**Work item**
Lines in the records below that contain the word "hull" must each be copied.

**Record set**
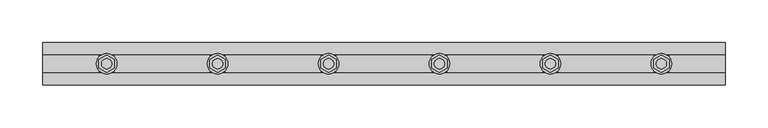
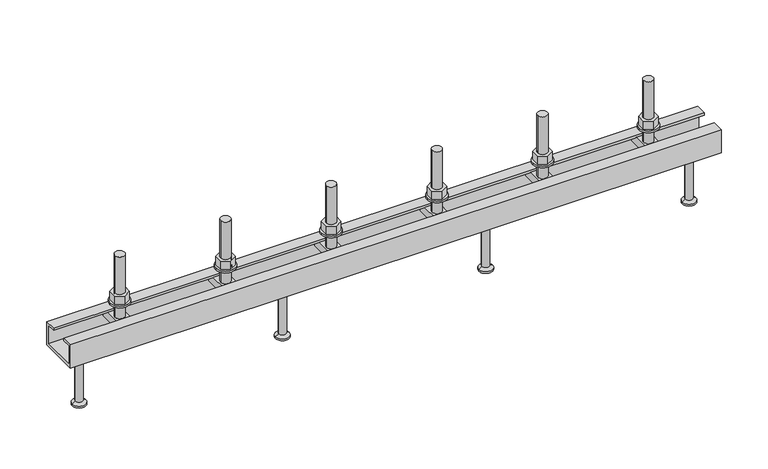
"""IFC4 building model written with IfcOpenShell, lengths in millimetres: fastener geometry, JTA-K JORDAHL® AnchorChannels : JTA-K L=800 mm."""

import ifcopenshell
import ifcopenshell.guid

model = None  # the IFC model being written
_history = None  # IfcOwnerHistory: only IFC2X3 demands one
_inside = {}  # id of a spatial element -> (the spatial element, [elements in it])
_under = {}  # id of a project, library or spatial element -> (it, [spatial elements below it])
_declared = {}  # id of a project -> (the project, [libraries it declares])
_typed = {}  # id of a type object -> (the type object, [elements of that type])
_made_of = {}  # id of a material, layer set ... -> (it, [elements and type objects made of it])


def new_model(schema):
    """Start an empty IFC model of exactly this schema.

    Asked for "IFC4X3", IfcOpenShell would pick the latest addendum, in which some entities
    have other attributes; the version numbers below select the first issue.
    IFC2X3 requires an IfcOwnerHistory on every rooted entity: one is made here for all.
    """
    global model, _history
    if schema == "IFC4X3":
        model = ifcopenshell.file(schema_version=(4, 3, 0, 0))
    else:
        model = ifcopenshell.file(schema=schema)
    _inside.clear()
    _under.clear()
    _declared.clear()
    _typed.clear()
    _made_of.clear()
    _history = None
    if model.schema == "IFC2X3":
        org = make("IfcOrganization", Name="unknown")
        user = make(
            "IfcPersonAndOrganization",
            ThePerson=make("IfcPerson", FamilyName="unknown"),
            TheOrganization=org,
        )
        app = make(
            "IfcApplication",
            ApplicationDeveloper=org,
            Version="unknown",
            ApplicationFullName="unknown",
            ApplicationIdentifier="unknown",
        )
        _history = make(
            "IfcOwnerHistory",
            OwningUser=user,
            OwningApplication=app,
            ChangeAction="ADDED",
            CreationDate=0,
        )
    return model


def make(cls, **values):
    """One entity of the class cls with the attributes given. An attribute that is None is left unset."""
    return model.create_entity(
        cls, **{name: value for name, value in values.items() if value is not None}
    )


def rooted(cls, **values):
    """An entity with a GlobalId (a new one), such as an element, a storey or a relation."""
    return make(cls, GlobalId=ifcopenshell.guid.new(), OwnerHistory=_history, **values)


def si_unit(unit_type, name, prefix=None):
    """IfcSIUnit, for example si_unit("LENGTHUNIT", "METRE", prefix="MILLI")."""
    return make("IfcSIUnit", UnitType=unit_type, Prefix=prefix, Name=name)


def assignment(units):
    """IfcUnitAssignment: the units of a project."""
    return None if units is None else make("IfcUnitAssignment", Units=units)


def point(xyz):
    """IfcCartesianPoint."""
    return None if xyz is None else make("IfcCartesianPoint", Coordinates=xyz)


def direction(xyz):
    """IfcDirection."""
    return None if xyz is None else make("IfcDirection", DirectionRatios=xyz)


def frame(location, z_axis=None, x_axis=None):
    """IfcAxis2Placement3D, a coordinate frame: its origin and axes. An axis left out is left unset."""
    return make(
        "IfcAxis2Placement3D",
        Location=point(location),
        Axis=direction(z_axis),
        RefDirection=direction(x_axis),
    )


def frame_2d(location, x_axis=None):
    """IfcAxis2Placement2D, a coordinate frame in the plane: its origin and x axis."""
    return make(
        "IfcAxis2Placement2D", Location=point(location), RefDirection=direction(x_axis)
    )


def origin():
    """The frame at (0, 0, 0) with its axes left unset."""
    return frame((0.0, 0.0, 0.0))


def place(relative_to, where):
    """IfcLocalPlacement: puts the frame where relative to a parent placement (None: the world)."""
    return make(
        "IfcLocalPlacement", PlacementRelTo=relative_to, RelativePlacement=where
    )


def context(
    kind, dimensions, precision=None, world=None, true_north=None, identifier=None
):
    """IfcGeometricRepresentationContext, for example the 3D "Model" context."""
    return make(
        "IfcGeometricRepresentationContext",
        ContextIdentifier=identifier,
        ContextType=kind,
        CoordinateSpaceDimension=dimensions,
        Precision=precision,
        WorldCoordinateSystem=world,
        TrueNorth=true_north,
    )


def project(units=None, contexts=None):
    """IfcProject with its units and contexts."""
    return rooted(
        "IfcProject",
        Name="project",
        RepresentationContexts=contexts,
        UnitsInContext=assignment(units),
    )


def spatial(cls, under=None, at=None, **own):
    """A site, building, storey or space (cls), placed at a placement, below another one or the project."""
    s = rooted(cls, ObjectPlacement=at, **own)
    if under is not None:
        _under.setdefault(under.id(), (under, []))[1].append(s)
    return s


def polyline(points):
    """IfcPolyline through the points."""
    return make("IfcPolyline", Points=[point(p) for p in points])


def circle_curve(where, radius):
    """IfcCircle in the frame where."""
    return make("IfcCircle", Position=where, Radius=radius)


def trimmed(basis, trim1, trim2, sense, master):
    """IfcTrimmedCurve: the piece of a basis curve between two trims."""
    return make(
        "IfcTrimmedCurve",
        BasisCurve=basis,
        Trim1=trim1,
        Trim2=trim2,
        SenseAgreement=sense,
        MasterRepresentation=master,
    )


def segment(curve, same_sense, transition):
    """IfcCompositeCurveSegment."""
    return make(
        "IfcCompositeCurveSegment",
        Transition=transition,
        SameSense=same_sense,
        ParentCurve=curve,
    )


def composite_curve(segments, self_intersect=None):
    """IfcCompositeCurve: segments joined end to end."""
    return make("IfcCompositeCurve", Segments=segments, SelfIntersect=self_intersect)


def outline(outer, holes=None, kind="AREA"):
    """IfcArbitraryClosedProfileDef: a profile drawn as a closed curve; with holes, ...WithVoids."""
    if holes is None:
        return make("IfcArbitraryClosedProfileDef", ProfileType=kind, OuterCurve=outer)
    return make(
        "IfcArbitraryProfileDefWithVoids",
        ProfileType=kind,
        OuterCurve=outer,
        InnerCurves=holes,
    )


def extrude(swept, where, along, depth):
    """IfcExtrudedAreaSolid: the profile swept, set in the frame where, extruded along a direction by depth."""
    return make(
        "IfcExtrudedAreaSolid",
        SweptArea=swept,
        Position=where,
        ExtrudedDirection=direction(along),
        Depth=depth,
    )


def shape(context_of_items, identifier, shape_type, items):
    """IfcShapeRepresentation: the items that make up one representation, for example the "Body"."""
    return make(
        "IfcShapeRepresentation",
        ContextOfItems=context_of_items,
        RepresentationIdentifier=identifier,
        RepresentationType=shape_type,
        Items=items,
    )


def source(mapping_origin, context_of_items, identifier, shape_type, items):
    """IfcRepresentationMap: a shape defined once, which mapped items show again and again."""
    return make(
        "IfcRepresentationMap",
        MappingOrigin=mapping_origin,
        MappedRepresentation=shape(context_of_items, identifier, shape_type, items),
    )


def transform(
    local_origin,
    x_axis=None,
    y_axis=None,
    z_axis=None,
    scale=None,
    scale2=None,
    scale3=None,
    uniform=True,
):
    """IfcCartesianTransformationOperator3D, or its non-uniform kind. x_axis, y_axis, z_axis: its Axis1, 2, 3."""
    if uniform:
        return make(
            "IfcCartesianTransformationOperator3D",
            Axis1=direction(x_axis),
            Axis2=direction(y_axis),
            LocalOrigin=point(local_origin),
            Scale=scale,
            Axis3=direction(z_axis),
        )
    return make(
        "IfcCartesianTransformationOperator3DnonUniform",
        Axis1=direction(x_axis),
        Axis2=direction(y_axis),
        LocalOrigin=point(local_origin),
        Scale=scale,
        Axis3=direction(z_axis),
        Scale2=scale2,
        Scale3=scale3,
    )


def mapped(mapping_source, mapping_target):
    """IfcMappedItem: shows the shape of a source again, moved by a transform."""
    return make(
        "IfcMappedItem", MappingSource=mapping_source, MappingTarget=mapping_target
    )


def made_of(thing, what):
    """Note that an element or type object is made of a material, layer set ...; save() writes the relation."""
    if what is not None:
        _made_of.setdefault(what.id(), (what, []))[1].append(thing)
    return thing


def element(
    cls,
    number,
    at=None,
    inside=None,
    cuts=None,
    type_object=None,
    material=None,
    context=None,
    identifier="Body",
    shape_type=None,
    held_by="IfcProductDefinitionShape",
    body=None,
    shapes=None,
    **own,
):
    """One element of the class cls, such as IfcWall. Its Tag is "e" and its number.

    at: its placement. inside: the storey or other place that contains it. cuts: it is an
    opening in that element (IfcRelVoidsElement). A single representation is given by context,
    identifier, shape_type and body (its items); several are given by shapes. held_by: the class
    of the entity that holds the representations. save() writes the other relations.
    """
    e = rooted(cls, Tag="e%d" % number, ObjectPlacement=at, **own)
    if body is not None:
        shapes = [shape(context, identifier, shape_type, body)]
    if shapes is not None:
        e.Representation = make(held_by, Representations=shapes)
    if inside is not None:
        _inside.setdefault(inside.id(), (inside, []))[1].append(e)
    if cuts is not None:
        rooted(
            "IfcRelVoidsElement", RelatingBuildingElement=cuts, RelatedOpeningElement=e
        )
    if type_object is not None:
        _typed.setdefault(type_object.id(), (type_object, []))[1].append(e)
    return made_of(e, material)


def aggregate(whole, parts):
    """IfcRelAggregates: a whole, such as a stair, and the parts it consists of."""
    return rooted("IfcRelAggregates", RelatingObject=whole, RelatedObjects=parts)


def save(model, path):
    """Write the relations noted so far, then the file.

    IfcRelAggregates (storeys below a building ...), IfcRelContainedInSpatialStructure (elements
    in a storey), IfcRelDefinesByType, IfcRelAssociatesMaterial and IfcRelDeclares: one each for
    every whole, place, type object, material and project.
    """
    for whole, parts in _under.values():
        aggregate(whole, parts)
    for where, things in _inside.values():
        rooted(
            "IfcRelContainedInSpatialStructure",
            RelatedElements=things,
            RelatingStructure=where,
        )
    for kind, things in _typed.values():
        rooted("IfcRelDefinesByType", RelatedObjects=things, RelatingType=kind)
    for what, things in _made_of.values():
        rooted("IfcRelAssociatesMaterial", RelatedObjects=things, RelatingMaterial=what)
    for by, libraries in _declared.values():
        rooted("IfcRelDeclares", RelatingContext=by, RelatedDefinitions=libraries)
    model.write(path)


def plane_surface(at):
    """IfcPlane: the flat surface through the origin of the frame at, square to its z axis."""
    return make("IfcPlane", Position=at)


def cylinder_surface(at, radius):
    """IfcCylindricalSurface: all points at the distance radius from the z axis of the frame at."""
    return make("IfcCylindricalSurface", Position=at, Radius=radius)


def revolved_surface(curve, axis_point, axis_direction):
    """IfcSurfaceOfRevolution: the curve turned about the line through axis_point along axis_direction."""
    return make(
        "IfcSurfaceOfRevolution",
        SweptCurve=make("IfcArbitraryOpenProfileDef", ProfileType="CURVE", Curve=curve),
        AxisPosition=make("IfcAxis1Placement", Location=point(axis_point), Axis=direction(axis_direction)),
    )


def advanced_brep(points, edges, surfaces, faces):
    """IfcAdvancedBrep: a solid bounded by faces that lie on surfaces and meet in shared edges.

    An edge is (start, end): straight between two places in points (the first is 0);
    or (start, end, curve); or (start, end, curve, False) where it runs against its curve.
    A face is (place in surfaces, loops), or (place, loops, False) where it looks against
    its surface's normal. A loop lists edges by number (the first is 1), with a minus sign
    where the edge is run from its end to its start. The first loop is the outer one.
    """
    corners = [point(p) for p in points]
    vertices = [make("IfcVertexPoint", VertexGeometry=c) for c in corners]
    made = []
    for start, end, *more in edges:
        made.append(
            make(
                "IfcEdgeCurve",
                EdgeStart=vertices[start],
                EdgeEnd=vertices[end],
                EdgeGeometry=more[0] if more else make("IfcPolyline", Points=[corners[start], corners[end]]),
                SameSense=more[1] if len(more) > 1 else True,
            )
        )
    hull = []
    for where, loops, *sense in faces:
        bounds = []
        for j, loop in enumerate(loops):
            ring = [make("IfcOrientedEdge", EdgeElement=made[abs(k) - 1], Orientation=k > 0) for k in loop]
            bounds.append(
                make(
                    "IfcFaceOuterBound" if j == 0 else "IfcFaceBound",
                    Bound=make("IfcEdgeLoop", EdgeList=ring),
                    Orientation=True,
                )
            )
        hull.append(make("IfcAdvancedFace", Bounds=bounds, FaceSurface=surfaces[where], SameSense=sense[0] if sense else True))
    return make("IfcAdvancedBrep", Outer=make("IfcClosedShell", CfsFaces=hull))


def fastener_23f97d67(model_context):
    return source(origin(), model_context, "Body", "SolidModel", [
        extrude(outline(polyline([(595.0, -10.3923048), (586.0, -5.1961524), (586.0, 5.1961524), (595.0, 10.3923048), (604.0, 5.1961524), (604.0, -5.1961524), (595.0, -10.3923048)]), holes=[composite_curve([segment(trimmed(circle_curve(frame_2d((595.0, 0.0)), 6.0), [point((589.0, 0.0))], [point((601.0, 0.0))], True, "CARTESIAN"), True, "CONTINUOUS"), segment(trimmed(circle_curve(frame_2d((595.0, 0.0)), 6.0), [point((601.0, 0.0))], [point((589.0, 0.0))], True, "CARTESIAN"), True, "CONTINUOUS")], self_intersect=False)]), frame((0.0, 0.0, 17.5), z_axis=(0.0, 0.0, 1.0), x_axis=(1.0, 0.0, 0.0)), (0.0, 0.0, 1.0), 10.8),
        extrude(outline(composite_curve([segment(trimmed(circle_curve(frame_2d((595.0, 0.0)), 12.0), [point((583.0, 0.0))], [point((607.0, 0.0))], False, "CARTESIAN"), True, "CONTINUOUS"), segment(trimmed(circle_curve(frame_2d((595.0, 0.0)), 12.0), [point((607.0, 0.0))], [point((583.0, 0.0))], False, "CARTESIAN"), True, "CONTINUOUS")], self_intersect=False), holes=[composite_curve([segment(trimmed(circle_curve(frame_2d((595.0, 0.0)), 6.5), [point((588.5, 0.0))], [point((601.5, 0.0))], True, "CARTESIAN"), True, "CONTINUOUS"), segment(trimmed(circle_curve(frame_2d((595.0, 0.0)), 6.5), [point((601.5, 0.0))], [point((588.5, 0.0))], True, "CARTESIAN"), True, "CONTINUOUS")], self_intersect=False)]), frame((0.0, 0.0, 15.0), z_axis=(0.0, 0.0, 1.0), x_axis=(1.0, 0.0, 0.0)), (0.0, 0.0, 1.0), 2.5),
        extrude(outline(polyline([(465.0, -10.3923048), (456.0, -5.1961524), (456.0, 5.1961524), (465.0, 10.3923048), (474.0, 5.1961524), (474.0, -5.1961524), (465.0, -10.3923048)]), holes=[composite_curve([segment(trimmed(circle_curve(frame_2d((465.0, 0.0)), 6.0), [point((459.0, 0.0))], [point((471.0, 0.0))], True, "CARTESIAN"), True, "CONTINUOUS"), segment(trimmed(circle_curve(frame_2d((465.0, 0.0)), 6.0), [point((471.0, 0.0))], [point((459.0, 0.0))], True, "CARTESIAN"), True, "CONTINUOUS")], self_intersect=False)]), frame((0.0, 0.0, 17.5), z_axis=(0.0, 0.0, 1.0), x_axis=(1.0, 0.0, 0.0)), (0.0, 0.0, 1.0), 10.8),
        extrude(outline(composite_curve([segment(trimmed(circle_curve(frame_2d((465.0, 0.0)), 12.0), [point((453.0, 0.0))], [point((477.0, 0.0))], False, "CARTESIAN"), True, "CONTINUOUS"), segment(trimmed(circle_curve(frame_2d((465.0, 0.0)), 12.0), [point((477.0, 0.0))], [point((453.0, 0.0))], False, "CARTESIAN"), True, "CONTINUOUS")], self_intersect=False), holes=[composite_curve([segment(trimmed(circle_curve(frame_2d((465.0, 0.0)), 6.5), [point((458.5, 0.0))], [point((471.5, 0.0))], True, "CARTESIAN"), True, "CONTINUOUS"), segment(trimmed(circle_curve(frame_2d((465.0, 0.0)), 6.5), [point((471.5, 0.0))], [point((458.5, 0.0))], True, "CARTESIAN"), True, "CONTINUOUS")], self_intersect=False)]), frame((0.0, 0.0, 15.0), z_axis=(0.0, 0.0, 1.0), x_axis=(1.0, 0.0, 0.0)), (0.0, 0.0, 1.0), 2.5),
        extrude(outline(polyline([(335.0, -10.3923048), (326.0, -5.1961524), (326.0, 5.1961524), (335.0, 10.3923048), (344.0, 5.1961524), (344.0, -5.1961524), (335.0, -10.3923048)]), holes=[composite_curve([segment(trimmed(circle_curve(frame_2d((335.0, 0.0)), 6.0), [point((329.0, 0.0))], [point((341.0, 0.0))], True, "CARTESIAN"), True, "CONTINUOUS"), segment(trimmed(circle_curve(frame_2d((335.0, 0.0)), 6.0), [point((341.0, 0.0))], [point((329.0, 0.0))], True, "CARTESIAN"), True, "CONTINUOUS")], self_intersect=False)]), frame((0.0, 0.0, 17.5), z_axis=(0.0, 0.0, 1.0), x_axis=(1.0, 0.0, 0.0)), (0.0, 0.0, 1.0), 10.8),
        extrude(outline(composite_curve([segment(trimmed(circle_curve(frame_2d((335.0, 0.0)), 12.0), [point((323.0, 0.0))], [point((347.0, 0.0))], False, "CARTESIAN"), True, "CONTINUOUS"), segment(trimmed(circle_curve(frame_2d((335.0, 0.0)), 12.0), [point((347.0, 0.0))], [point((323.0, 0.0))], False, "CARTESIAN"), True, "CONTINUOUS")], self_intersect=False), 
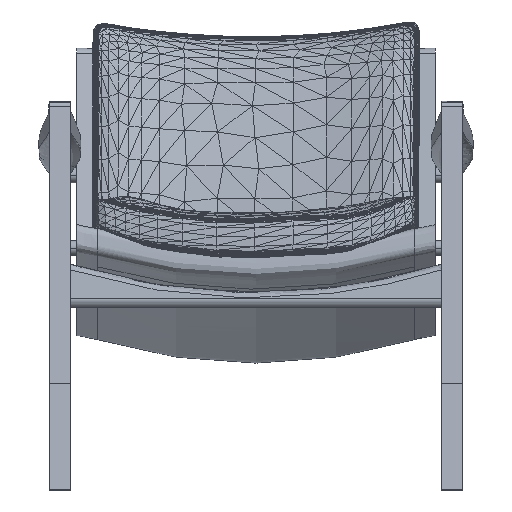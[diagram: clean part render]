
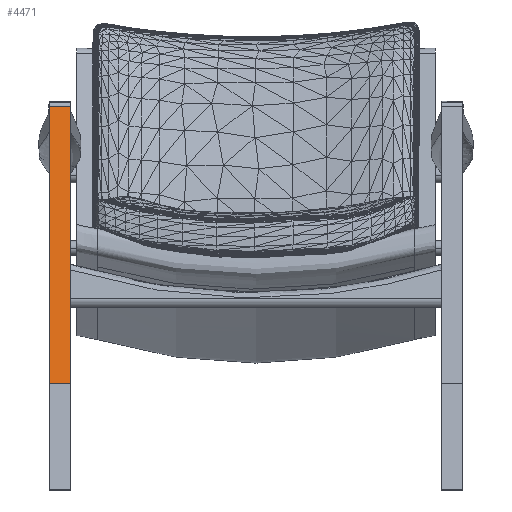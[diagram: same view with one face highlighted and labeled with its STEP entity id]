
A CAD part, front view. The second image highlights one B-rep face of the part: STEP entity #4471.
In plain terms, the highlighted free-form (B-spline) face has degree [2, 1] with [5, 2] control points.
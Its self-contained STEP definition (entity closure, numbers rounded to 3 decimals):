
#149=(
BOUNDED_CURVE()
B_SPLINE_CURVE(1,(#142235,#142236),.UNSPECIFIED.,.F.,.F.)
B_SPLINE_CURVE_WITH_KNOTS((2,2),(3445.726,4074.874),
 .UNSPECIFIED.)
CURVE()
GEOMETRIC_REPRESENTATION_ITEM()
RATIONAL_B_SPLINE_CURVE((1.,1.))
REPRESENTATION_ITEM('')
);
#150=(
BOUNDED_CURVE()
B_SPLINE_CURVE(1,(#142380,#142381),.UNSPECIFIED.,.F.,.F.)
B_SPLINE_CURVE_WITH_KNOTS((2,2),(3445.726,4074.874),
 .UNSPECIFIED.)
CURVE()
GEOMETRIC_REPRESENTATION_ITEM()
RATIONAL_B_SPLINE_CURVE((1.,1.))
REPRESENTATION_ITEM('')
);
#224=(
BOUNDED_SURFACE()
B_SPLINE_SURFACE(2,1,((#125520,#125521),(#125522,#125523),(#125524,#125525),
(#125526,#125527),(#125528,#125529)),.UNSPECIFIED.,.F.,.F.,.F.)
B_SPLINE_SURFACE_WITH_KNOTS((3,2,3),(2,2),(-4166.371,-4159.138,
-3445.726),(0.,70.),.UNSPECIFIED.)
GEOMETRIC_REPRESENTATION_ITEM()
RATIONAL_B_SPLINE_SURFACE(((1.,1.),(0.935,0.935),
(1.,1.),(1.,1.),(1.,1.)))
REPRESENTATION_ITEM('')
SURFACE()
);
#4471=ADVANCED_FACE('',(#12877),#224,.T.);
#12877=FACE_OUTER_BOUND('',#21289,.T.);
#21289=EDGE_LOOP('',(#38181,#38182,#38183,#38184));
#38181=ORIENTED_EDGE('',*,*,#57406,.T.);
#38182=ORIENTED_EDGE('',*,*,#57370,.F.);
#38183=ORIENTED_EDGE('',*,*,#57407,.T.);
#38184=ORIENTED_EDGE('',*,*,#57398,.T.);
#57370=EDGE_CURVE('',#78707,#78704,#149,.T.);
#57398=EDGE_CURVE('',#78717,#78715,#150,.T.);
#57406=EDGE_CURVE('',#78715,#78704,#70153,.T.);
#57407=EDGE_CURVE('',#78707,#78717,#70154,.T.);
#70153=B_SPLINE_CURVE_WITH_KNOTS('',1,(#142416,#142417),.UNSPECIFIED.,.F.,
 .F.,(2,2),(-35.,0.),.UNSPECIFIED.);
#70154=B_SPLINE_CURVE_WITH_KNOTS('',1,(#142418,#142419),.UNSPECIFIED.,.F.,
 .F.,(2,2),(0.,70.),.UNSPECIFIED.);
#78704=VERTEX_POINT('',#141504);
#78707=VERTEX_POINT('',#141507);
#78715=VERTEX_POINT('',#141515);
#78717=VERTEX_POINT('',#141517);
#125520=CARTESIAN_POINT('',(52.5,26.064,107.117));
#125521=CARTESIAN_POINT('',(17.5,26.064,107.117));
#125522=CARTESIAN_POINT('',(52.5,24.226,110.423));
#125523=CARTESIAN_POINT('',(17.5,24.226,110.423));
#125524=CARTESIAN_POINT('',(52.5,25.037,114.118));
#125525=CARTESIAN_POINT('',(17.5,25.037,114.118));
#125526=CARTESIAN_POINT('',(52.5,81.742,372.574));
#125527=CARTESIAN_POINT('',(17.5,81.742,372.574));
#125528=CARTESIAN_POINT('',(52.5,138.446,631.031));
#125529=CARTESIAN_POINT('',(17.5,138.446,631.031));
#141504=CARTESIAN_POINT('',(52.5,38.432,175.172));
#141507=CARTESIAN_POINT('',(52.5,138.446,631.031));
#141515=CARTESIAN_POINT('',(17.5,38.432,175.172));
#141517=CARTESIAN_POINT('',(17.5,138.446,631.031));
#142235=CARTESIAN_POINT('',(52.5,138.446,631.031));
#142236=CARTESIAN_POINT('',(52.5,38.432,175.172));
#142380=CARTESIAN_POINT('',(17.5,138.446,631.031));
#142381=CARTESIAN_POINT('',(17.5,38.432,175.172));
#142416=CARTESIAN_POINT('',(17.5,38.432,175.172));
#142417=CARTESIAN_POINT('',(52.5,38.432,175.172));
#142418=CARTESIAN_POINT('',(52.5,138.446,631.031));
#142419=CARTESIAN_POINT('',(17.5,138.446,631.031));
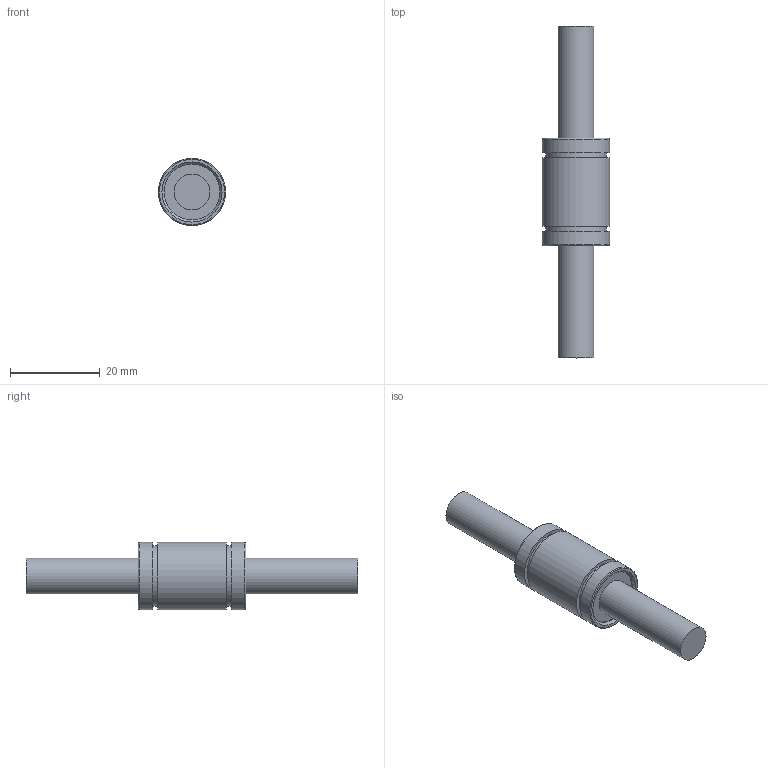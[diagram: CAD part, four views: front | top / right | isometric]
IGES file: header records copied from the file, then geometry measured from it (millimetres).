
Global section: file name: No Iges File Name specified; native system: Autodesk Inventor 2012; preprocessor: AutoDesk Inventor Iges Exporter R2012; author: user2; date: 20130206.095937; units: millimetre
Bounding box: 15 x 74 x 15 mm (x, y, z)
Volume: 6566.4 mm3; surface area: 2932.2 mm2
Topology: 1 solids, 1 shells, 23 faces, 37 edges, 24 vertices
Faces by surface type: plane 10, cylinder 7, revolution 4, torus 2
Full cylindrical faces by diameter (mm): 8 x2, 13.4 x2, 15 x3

**Task response**
    hull = []
        hull.append(make("IfcAdvancedFace", Bounds=bounds, FaceSurface=surfaces[where], SameSense=sense[0] if sense else True))
    return make("IfcAdvancedBrep", Outer=make("IfcClosedShell", CfsFaces=hull))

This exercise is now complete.